The Beverly Hills Hotel | Reservations (424) 421-0060
Fascinating Royalty + Cinematic History
The legendary pool opened in 1938 as ‘The Sand and Pool Club’, complete with sand to make it feel like a true beach club. Their famous Martinique banana leaf wallpaper was created in 1942 by heritage Southern California textile brand CW Stockwell, and selected by famed designer Don Loper in 1949 to adorn the walls of the newly renovated and redesigned hotel. It now enjoys iconic status as one of the most recognizable wallpapers in the world and has starred in several films. (The ATOD home office is inspired by this iconic wallpaper!)
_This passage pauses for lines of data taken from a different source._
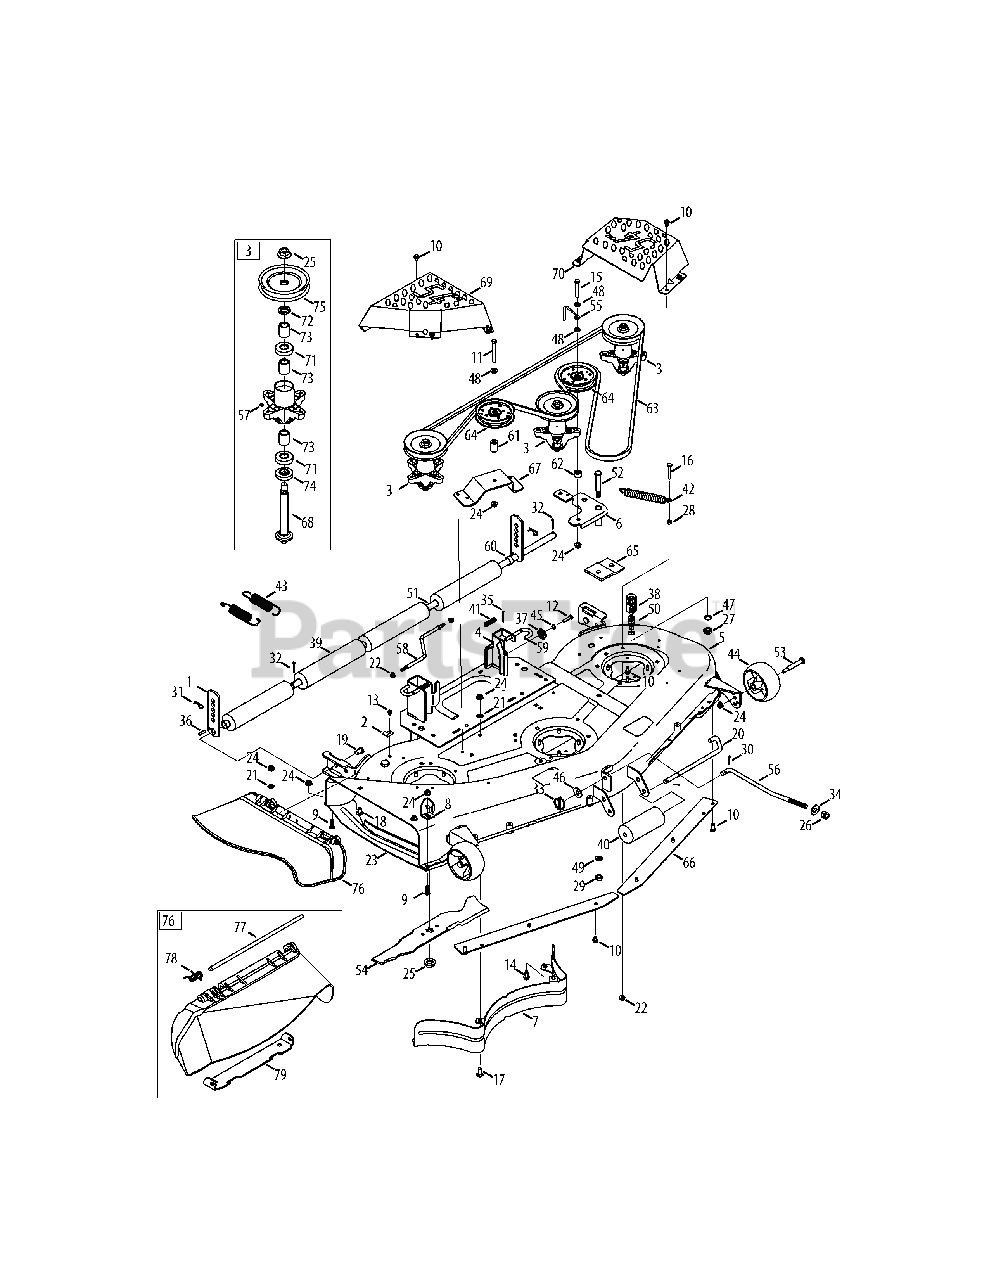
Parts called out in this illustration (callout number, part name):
2	Retainer Hook Bracket
3	Spindle Assembly
4	Deck Hanger Bracket Assembly
5	Deck Assembly
6	Idler Assembly
7	Inner Baffle
8	Deflector Chute Stop
9	Hex Screw, 3/8-16:1.00
10	Taptite Screw, 5/16-18:.750
11	Hex Screw, 3/8-16:3.00
12	Hex Screw, 5/16-18:1.25
13	Hex Screw, 1/4-20 x .500
14	Taptite Screw, 3/8-16:0.750
15	Hex Screw, 3/8-16:2.50
16	Hex Screw, 5/16-18:2.00
17	Carriage Bolt, 3/8-16:1.00
18	Carriage Bolt, 3/8-16:0.75
19	Clevis Pin, .50 DIA x .78 LG
20	Roller Pin, 1/2 DIA x 7.31 LG
21	Push Nut, 3/8
22	Flangelock Nut, 5/16-18
23	Finger Guard
24	Flangelock Nut, 3/8-16
25	Flange Nut, 5/8-18
26	Flexlock Nut, 1/2-13
27	Hex Nut, M16-1.5 DIN 936
28	Hex Nut, 5/16-18
29	Hexlock Nut, Counterlock, 1/2-13
30	Cotter Pin, 3/32:1.0
31	Click Pin, .092 x 1.64 LG
32	Cotter Pin, 5/32:1.25
33	Lynch Pin, .1875
34	Washer, .630 x 1.25 x .180
35	Cotter Pin, 1/8 x 1.25
36	Spring Pin, 1/4 DIA x 1.00 LG
37	Deck Gear
38	Water Nozzle Adaptor
39	Deck Roller
40	Front Roller
41	Compression Spring, .535 OD x 1.751 LG
42	Extension Spring, .85 OD x 5.915 LG
43	Extension Spring, 1.15 OD x 5.99 LG
44	Deck Wheel
45	Lock Washer, 5/16
46	Flat Washer, .531 x 1.25 x .100
47	Lock Washer, 5/8
48	Flat Washer, .406 x .875 x .059
49	Lock Washer, 1/2
50	Deck Water Nozzle
51	Shaft, .750 x .47.12
52	Shield Screw, .625 x 2.50:1/2-13
53	Shoulder Bolt, .496 x 2.50:3/8-16
55	Belt Keeper Rod
56	Deck Lift Rod
57	Lube Fitting
58	Deck Sway Rod
59	Deck Release Handle Rod
60	Spacer, .82 ID x 1.00 OD x .53
61	Spacer, .380 x .900 x 1.313
62	Spacer, .385 ID x .88 x .64
63	V Belt
64	Idler Pulley, 4.25"DIA
65	Pulley Stabilizer Bracket
66	Deck Skirt
67	Stationary Idler Bracket
68	Spindle Shaft, 6.95 LG
69	RH Spindle Cover
70	LH Spindle Cover
71	Ball Bearing, .787 ID x 1.85 OD x .551
72	Spacer, .790 ID x 1.25 OD x .175
73	Spacer, .80 x 1.10 x 1.322 LG
74	Spacer, .79 x 1.82 x .55 LG
75	Deck Pulley
76	Chute Assembly
77	Hinge Pin
78	Torsion Spring, .44 ID x 2.0
79	Chute Bracket
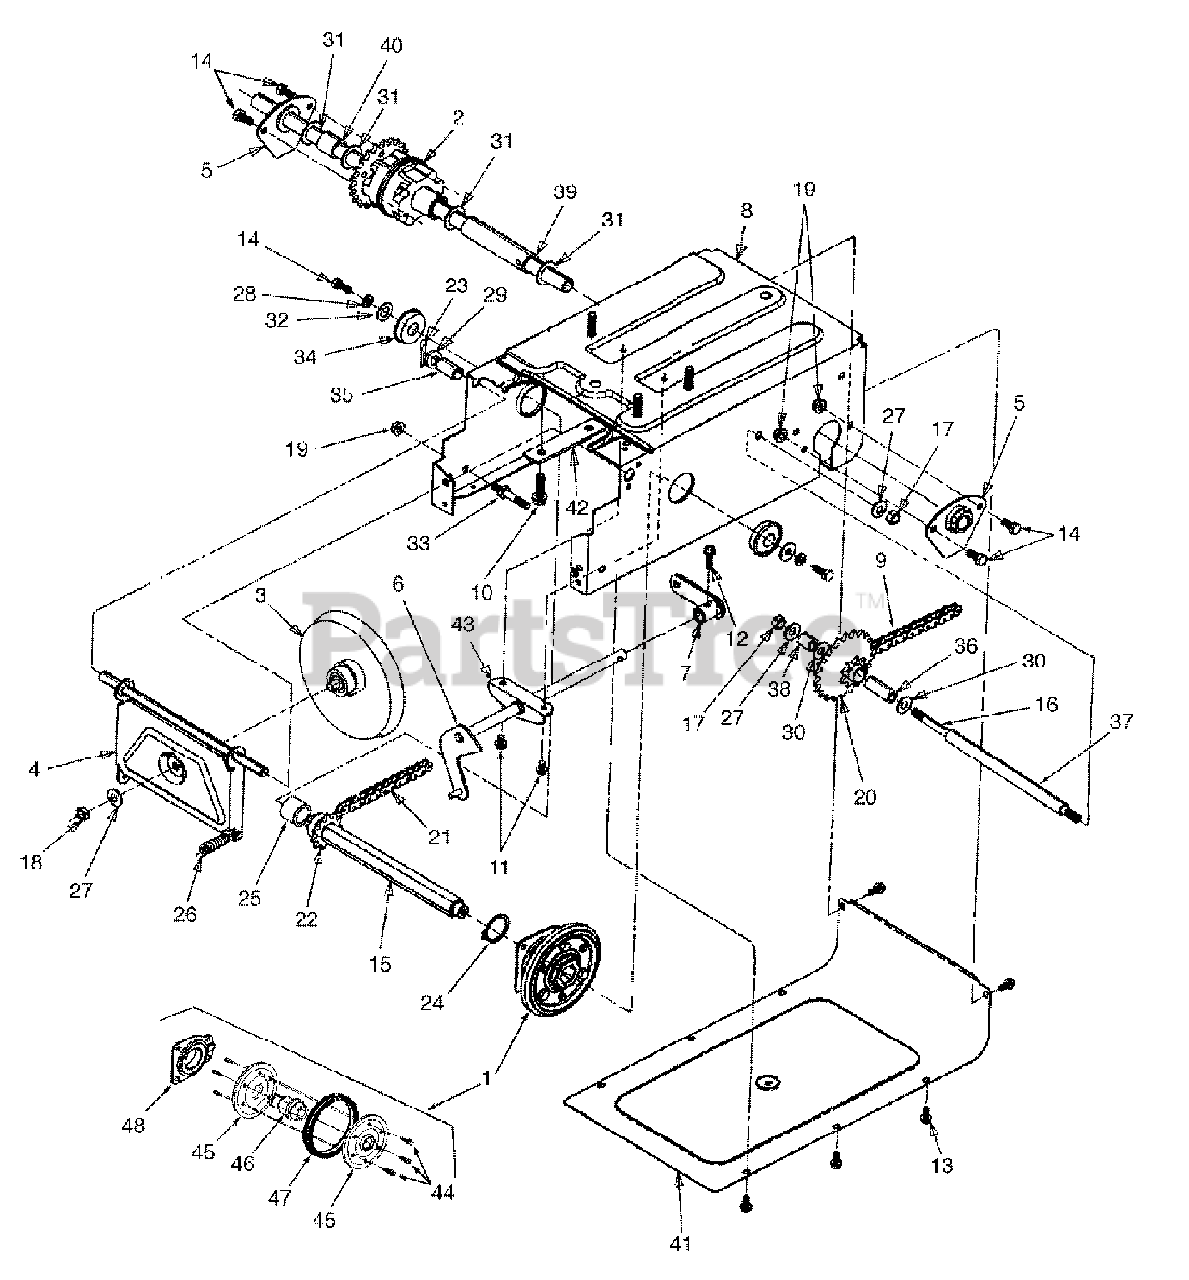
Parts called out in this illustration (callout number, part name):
1	Friction Wheel Ass'y Complete
2	Differential Ass'y Complete
3	Friction Disc Assembly
4	Bracket Ass'y, Frctn Wheel Supt
5	Bracket Ass'y, Axle
6	Shaft Ass'y, Shift
9	Chain, #420 x 36 Lnks
10	Screw, Hex Wash Hd Tapp 3/8-16 x 1.25
11	Screw, Hex Wash Hd Tapp 1/4-20 x .375
12	Screw, Hex Wash Hd Tapp 1/4-20 x 1.0
13	Screw, Hex Wash Hd Tapp 1/4-14 x .625
14	Screw, Hex Cap, 5/16-18 x .75 GR5
15	Hex Shaft
16	Jack Shaft
17	Nut, Hex, 3/8-24
18	Nut, Hex Jam, 3/8-24
19	Nut, Hex Flange Lock, 5/16-18 GR5
20	Sprocket Ass'y, 9T & 22T
21	Chain, #41 x 36 Lnks
22	Sprocket, 10T
23	Pin, Cotter, 3/32 x 1.0
24	Ring, Snap, 1.0 Dia
25	Spacer, .675 x 1.0 x 1.53
26	Spring, Extension
27	Washer, Bell, .406 x .870 x .063
28	Washer, Lock, 5/16
29	Washer, Flat, .536 x .930 x .05
30	Washer, Flat, .385 x .87 x .06
31	Washer, Flat, .793 x 1.24 x .06
32	Washer, Flat, .345 x 1.0 x .100
33	Bolt, Idler
34	Bearing, Ball
35	Spacer, .508 x .75 x .94
36	Sleeve, .380 x .623 x 1.5
37	Spacer, .407 x .625 x 7.86
38	Spacer, .407 x .625 x .71
39	Spacer, .782 x 1.0 x 4.11
40	Spacer, .782 x 1.0 x .99
41	Cover, Frame Bottom
44	Screw, Hex Wash Hd Tapp 1/4-20 X .5
45	Plate, Friction Wheel
46	Hub, Friction Wheel
47	Wheel, Rubber Friction
48	Bearing Ass'y, Friction Wheel

The hotel was first painted its distinctive pink back in 1948, to complement the sunset and popular country style of the time. The hotel has been known as the ‘Pink Palace’ ever since. The Crescent Wing was built in 1949 and designed by renowned architect Paul Williams, along with the reimagined Polo Lounge, Fountain Coffee Room and the lobby. Paul Williams created their famous logo in the 1950s, developing a bespoke font which has since been trademarked to protect its distinctive style. In his honour, they also have a suite named after him.
Guests included the Duke and Duchess of Windsor, Princess Margaret and Lord Snowdon, King Albert of Belgium, the Crown Prince of Monaco, John Wayne and Henry Fonda. Elizabeth Taylor’s father had an art gallery in the hotel’s lower level, and Liz began a tradition of frequenting bungalows with six of her eight husbands. In 1956, the hotel’s pool and cabana club were backdrops for Gregory Peck and Lauren Bacall in Designing Women. Frank Sinatra, Dean Martin and the rest of the Rat Pack engaged in prodigious drinking bouts in the Polo Lounge. Towards the end of the decade, Marilyn Monroe and Yves Montand checked into bungalows 20 and 21 while filming Let’s Make Love.
In the 1970s, John Lennon and Yoko Ono hid out in a bungalow for a week. Charlie Chaplin, a frequent guest in the 1920s, returned in 1972 to accept an honorary Oscar. Faye Dunaway stayed there after receiving her Academy Award for Network in 1977, and in 1978 Broadway playwright Neil Simon, a frequent guest, filmed California Suite at the property.